_How to complete this task_
Leaving the pictures out, print the lines from the first line of the listing through the line containing "# Units and contexts", exactly as they read, and no others.
Data for review below:
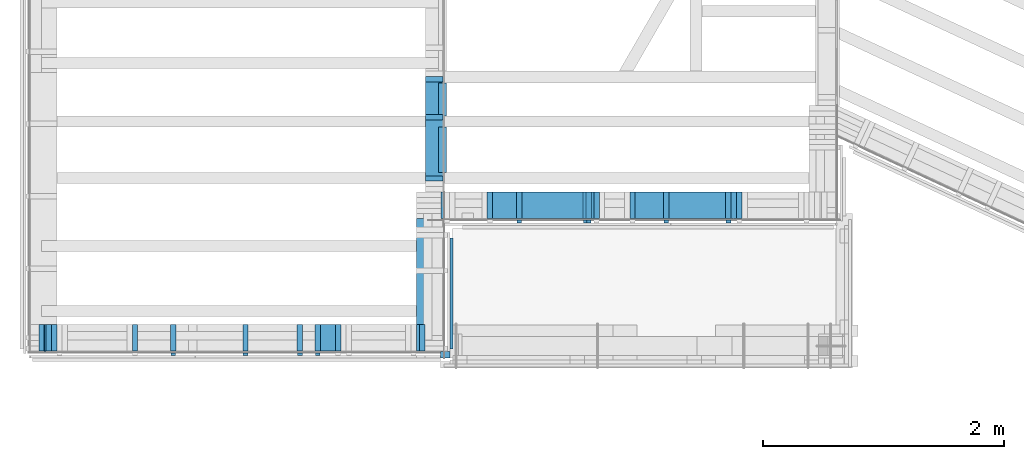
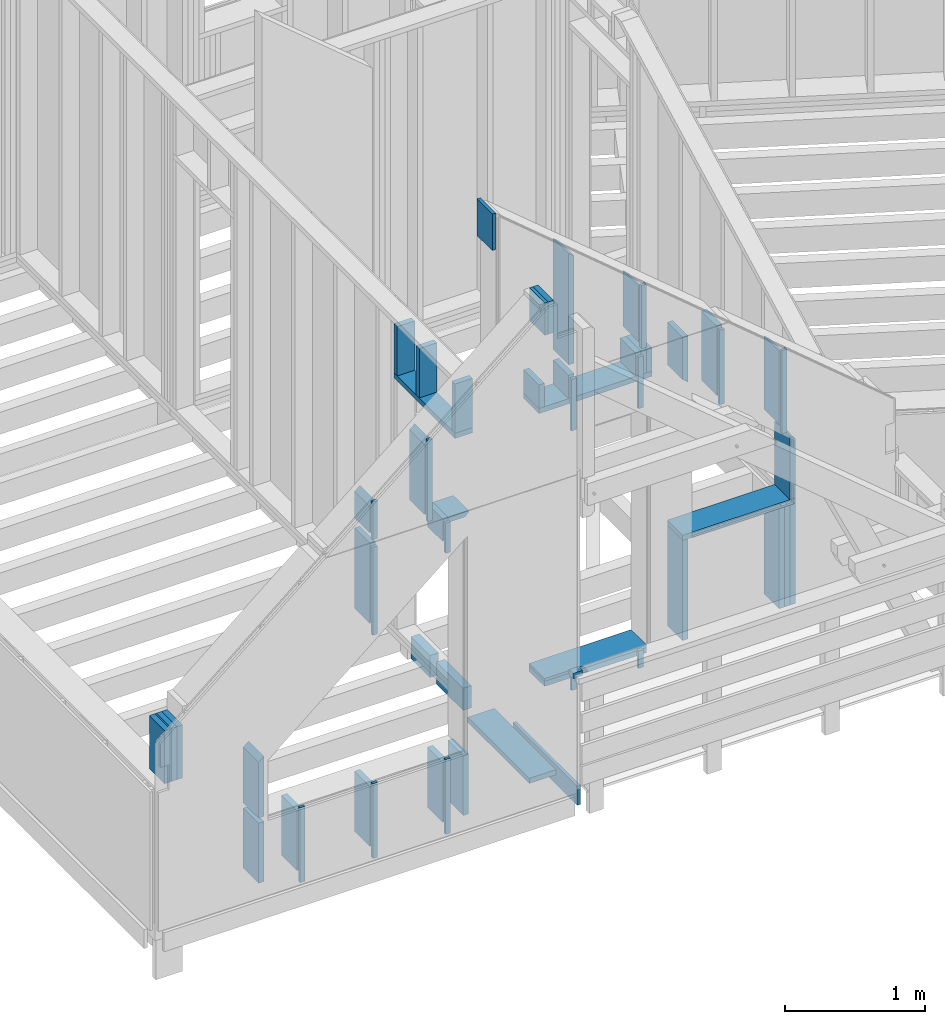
# One storey, part 15 of 24: 60 members.
"""IFC2X3 building model written with IfcOpenShell, lengths in metres."""

from ifc_helpers import new_model, si_unit, direction, frame, origin_with_axes, place, context, subcontext, project, spatial, faceted_brep, material, element, save


model = new_model("IFC2X3")

# Units and contexts
model_context = context("Model", 3, precision=1e-06, world=origin_with_axes(), true_north=direction((0.0, 1.0, 0.0)))
body_context = subcontext(model_context, "Body", "Model", "MODEL_VIEW")
ifc_project = project(units=[si_unit("LENGTHUNIT", "METRE"), si_unit("AREAUNIT", "SQUARE_METRE"), si_unit("VOLUMEUNIT", "CUBIC_METRE"), si_unit("PLANEANGLEUNIT", "RADIAN")], contexts=[model_context])

# Site, building, storey
site_placement = place(None, origin_with_axes())
site = spatial("IfcSite", under=ifc_project, at=site_placement, CompositionType="ELEMENT")
building_placement = place(site_placement, origin_with_axes())
building = spatial("IfcBuilding", under=site, at=building_placement, Name="Building 1", CompositionType="ELEMENT")
storey_placement = place(building_placement, origin_with_axes())
storey = spatial("IfcBuildingStorey", under=building, at=storey_placement, Name="Premier Etage", CompositionType="ELEMENT", Elevation=0.0)

# Members
ifc_material_1 = material(Name="Epicéa C24")
member_1_placement = place(storey_placement, frame((4.6666497, 1.2228281, 5.5354713), z_axis=(0.0, 1.0, 0.0), x_axis=(0.0, 0.0, -1.0)))
element("IfcMember", 1, at=member_1_placement, inside=storey, material=ifc_material_1, Name="Montant", context=body_context, shape_type="Brep", body=[
    faceted_brep([(0.2044713, 0.0225, -0.11), (0.2044713, 0.0225, 0.11), (0.2044713, -0.0225, 0.11), (0.2044713, -0.0225, -0.11), (0.0, -0.0225, -0.11), (0.0, 0.0225, -0.11), (0.0, -0.0225, 0.11), (0.0, 0.0225, 0.11)], [[[0, 1, 2, 3]], [[4, 5, 0, 3]], [[3, 2, 6, 4]], [[1, 0, 5, 7]], [[2, 1, 7, 6]], [[6, 7, 5, 4]]]),
])
member_2_placement = place(storey_placement, frame((4.646, 1.0878281, 6.1370002), z_axis=(0.0, 1.0, 0.0), x_axis=(0.0, 0.0, -1.0)))
element("IfcMember", 2, at=member_2_placement, inside=storey, material=ifc_material_1, Name="latte 27/40", context=body_context, shape_type="Brep", body=[
    faceted_brep([(0.5515289, 0.02, -0.012), (0.5515289, 0.02, 0.012), (0.5515289, -0.02, 0.012), (0.5515289, -0.02, -0.012), (0.0, 0.02, 0.012), (0.0, 0.02, -0.012), (0.0, -0.02, -0.012), (0.0, -0.02, 0.012)], [[[0, 1, 2, 3]], [[4, 5, 6, 7]], [[3, 6, 5, 0]], [[2, 7, 6, 3]], [[1, 4, 7, 2]], [[0, 5, 4, 1]]]),
])
member_3_placement = place(storey_placement, frame((2.25, -0.013, 6.2948874), z_axis=(0.0, -1.0, 0.0), x_axis=(0.0, 0.0, -1.0)))
element("IfcMember", 3, at=member_3_placement, inside=storey, material=ifc_material_1, Name="latte 27/40", context=body_context, shape_type="Brep", body=[
    faceted_brep([(0.7094161, 0.02, -0.012), (0.7094161, 0.02, 0.012), (0.7094161, -0.02, 0.012), (0.7094161, -0.02, -0.012), (0.0, 0.02, 0.012), (0.0, 0.02, -0.012), (0.0, -0.02, -0.012), (0.0, -0.02, 0.012)], [[[0, 1, 2, 3]], [[4, 5, 6, 7]], [[3, 6, 5, 0]], [[2, 7, 6, 3]], [[1, 4, 7, 2]], [[0, 5, 4, 1]]]),
])
ifc_material_2 = material(Name="NH II")
member_4_placement = place(storey_placement, frame((3.416, -0.0175, 3.8395), z_axis=(0.0, -1.0, 0.0), x_axis=(1.0, 0.0, 0.0)))
element("IfcMember", 4, at=member_4_placement, inside=storey, material=ifc_material_2, Name="Main courante", context=body_context, shape_type="Brep", body=[
    faceted_brep([(0.0, -0.0225, -0.0285), (0.0, 0.0225, -0.0285), (0.078, 0.0225, -0.0285), (0.078, -0.0225, -0.0285), (0.078, 0.0225, 0.0285), (0.0, 0.0225, 0.0285), (0.0, -0.0225, 0.0285), (0.078, -0.0225, 0.0285)], [[[0, 1, 2, 3]], [[4, 5, 6, 7]], [[7, 3, 2, 4]], [[6, 0, 3, 7]], [[1, 5, 4, 2]], [[0, 6, 5, 1]]]),
])
member_5_placement = place(storey_placement, frame((5.8050389, 1.2228281, 5.1413694), z_axis=(0.0, 1.0, 0.0), x_axis=(0.0, 0.0, -1.0)))
element("IfcMember", 5, at=member_5_placement, inside=storey, material=ifc_material_1, Name="Montant", context=body_context, shape_type="Brep", body=[
    faceted_brep([(0.0377595, -0.0225, -0.11), (0.0, 0.0225, -0.11), (0.6409508, 0.0225, -0.11), (0.6787103, -0.0225, -0.11), (0.6409508, 0.0225, 0.11), (0.0, 0.0225, 0.11), (0.6787103, -0.0225, 0.11), (0.0377595, -0.0225, 0.11)], [[[0, 1, 2, 3]], [[4, 2, 1, 5]], [[6, 4, 5, 7]], [[0, 7, 5, 1]], [[3, 6, 7, 0]], [[2, 4, 6, 3]]]),
])
member_6_placement = place(storey_placement, frame((1.798, -0.013, 3.463), z_axis=(0.0, -1.0, 0.0), x_axis=(0.0, 0.0, -1.0)))
element("IfcMember", 6, at=member_6_placement, inside=storey, material=ifc_material_1, Name="latte 27/40", context=body_context, shape_type="Brep", body=[
    faceted_brep([(0.0, 0.02, -0.012), (0.0, -0.02, -0.012), (0.0, -0.02, 0.012), (0.0, 0.02, 0.012), (0.653, -0.02, -0.012), (0.653, -0.02, 0.012), (0.653, 0.02, -0.012), (0.653, 0.02, 0.012)], [[[0, 1, 2, 3]], [[2, 1, 4, 5]], [[1, 0, 6, 4]], [[6, 7, 5, 4]], [[3, 2, 5, 7]], [[0, 3, 7, 6]]]),
])
member_7_placement = place(storey_placement, frame((3.3635, 1.9553281, 5.5354713), z_axis=(1.0, 0.0, 0.0), x_axis=(0.0, 0.0, -1.0)))
element("IfcMember", 7, at=member_7_placement, inside=storey, material=ifc_material_1, Name="Montant", context=body_context, shape_type="Brep", body=[
    faceted_brep([(0.0, -0.0225, 0.0725), (0.0, 0.0225, 0.0725), (0.0, 0.0225, -0.0725), (0.0, -0.0225, -0.0725), (0.4294713, 0.0225, -0.0725), (0.4294713, -0.0225, -0.0725), (0.4294713, -0.0225, 0.0725), (0.4294713, 0.0225, 0.0725)], [[[0, 1, 2, 3]], [[4, 5, 3, 2]], [[5, 6, 0, 3]], [[7, 4, 2, 1]], [[6, 7, 1, 0]], [[6, 5, 4, 7]]]),
])
member_8_placement = place(storey_placement, frame((3.3635, 2.2928281, 5.0835), z_axis=(1.0, 0.0, 0.0), x_axis=(0.0, -1.0, 0.0)))
element("IfcMember", 8, at=member_8_placement, inside=storey, material=ifc_material_1, Name="Montant", context=body_context, shape_type="Brep", body=[
    faceted_brep([(0.0, 0.0225, -0.0725), (0.0, -0.0225, -0.0725), (0.0, -0.0225, 0.0725), (0.0, 0.0225, 0.0725), (0.87, 0.0225, -0.0725), (0.87, -0.0225, -0.0725), (0.87, 0.0225, 0.0725), (0.87, -0.0225, 0.0725)], [[[0, 1, 2, 3]], [[1, 0, 4, 5]], [[0, 3, 6, 4]], [[5, 4, 6, 7]], [[2, 1, 5, 7]], [[3, 2, 7, 6]]]),
])
member_9_placement = place(storey_placement, frame((5.8050389, 1.2228281, 3.768), z_axis=(0.0, 1.0, 0.0), x_axis=(0.0, 0.0, -1.0)))
element("IfcMember", 9, at=member_9_placement, inside=storey, material=ifc_material_1, Name="Montant", context=body_context, shape_type="Brep", body=[
    faceted_brep([(0.0, -0.0225, -0.11), (0.0, -0.0225, 0.11), (0.0, 0.0225, 0.11), (0.0, 0.0225, -0.11), (0.873, 0.0225, -0.11), (0.873, -0.0225, -0.11), (0.873, -0.0225, 0.11), (0.873, 0.0225, 0.11)], [[[0, 1, 2, 3]], [[0, 3, 4, 5]], [[1, 0, 5, 6]], [[3, 2, 7, 4]], [[2, 1, 6, 7]], [[5, 4, 7, 6]]]),
])
member_10_placement = place(storey_placement, frame((4.646, 1.2228281, 6.1139186), z_axis=(0.0, 1.0, 0.0), x_axis=(0.0, 0.0, -1.0)))
element("IfcMember", 10, at=member_10_placement, inside=storey, material=ifc_material_1, Name="Montant", context=body_context, shape_type="Brep", body=[
    faceted_brep([(0.0377595, -0.0225, 0.11), (0.0377595, -0.0225, -0.11), (0.4884473, -0.0225, -0.11), (0.4884473, -0.0225, 0.11), (0.0, 0.0225, 0.11), (0.4884473, 0.0225, 0.11), (0.0, 0.0225, -0.11), (0.4884473, 0.0225, -0.11)], [[[0, 1, 2, 3]], [[4, 0, 3, 5]], [[6, 4, 5, 7]], [[1, 6, 7, 2]], [[1, 0, 4, 6]], [[2, 7, 5, 3]]]),
])
member_11_placement = place(storey_placement, frame((5.8050389, 1.0878281, 5.164451), z_axis=(0.0, 1.0, 0.0), x_axis=(0.0, 0.0, -1.0)))
element("IfcMember", 11, at=member_11_placement, inside=storey, material=ifc_material_1, Name="latte 27/40", context=body_context, shape_type="Brep", body=[
    faceted_brep([(0.7248735, 0.02, -0.012), (0.7248735, 0.02, 0.012), (0.7248735, -0.02, 0.012), (0.7248735, -0.02, -0.012), (0.0, 0.02, 0.012), (0.0, 0.02, -0.012), (0.0, -0.02, -0.012), (0.0, -0.02, 0.012)], [[[0, 1, 2, 3]], [[4, 5, 6, 7]], [[3, 6, 5, 0]], [[2, 7, 6, 3]], [[1, 4, 7, 2]], [[0, 5, 4, 1]]]),
])
member_12_placement = place(storey_placement, frame((3.433, 2.2382176, 2.709), z_axis=(0.0, 0.0, -1.0), x_axis=(0.0, -1.0, 0.0)))
element("IfcMember", 12, at=member_12_placement, inside=storey, material=ifc_material_2, Name="Solive", context=body_context, shape_type="Brep", body=[
    faceted_brep([(0.0, -0.035, 0.096), (0.0, 0.035, 0.096), (0.0, 0.035, -0.096), (0.0, -0.035, -0.096), (0.2721947, 0.035, 0.096), (0.2721947, 0.035, -0.096), (0.2721947, -0.035, 0.096), (0.2721947, -0.035, -0.096)], [[[0, 1, 2, 3]], [[2, 1, 4, 5]], [[1, 0, 6, 4]], [[5, 4, 6, 7]], [[3, 2, 5, 7]], [[0, 3, 7, 6]]]),
])
member_13_placement = place(storey_placement, frame((3.433, 1.8740228, 2.709), z_axis=(0.0, 0.0, -1.0), x_axis=(0.0, -1.0, 0.0)))
element("IfcMember", 13, at=member_13_placement, inside=storey, material=ifc_material_2, Name="Solive", context=body_context, shape_type="Brep", body=[
    faceted_brep([(0.0, 0.035, -0.096), (0.0, -0.035, -0.096), (0.0, -0.035, 0.096), (0.0, 0.035, 0.096), (0.3801947, -0.035, -0.096), (0.3801947, -0.035, 0.096), (0.3801947, 0.035, -0.096), (0.3801947, 0.035, 0.096)], [[[0, 1, 2, 3]], [[2, 1, 4, 5]], [[1, 0, 6, 4]], [[0, 3, 7, 6]], [[3, 2, 5, 7]], [[5, 4, 6, 7]]]),
])
member_14_placement = place(storey_placement, frame((1.798, 0.122, 5.8925328), z_axis=(0.0, -1.0, 0.0), x_axis=(0.0, 0.0, -1.0)))
element("IfcMember", 14, at=member_14_placement, inside=storey, material=ifc_material_1, Name="Montant", context=body_context, shape_type="Brep", body=[
    faceted_brep([(0.0377595, -0.0225, -0.11), (0.0377595, -0.0225, 0.11), (0.0, 0.0225, 0.11), (0.0, 0.0225, -0.11), (0.2670615, -0.0225, 0.11), (0.2670615, 0.0225, 0.11), (0.2670615, -0.0225, -0.11), (0.2670615, 0.0225, -0.11)], [[[0, 1, 2, 3]], [[2, 1, 4, 5]], [[1, 0, 6, 4]], [[3, 2, 5, 7]], [[0, 3, 7, 6]], [[6, 7, 5, 4]]]),
])
member_15_placement = place(storey_placement, frame((3.326, 0.232, 2.8275), z_axis=(-1.0, 0.0, 0.0), x_axis=(0.0, 1.0, 0.0)))
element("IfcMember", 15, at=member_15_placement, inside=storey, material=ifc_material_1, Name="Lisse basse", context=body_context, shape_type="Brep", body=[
End of Data for review.
_Result_
# One storey, part 15 of 24: 60 members.
"""IFC2X3 building model written with IfcOpenShell, lengths in metres."""

from ifc_helpers import new_model, si_unit, direction, frame, origin_with_axes, place, context, subcontext, project, spatial, faceted_brep, material, element, save


model = new_model("IFC2X3")

# Units and contexts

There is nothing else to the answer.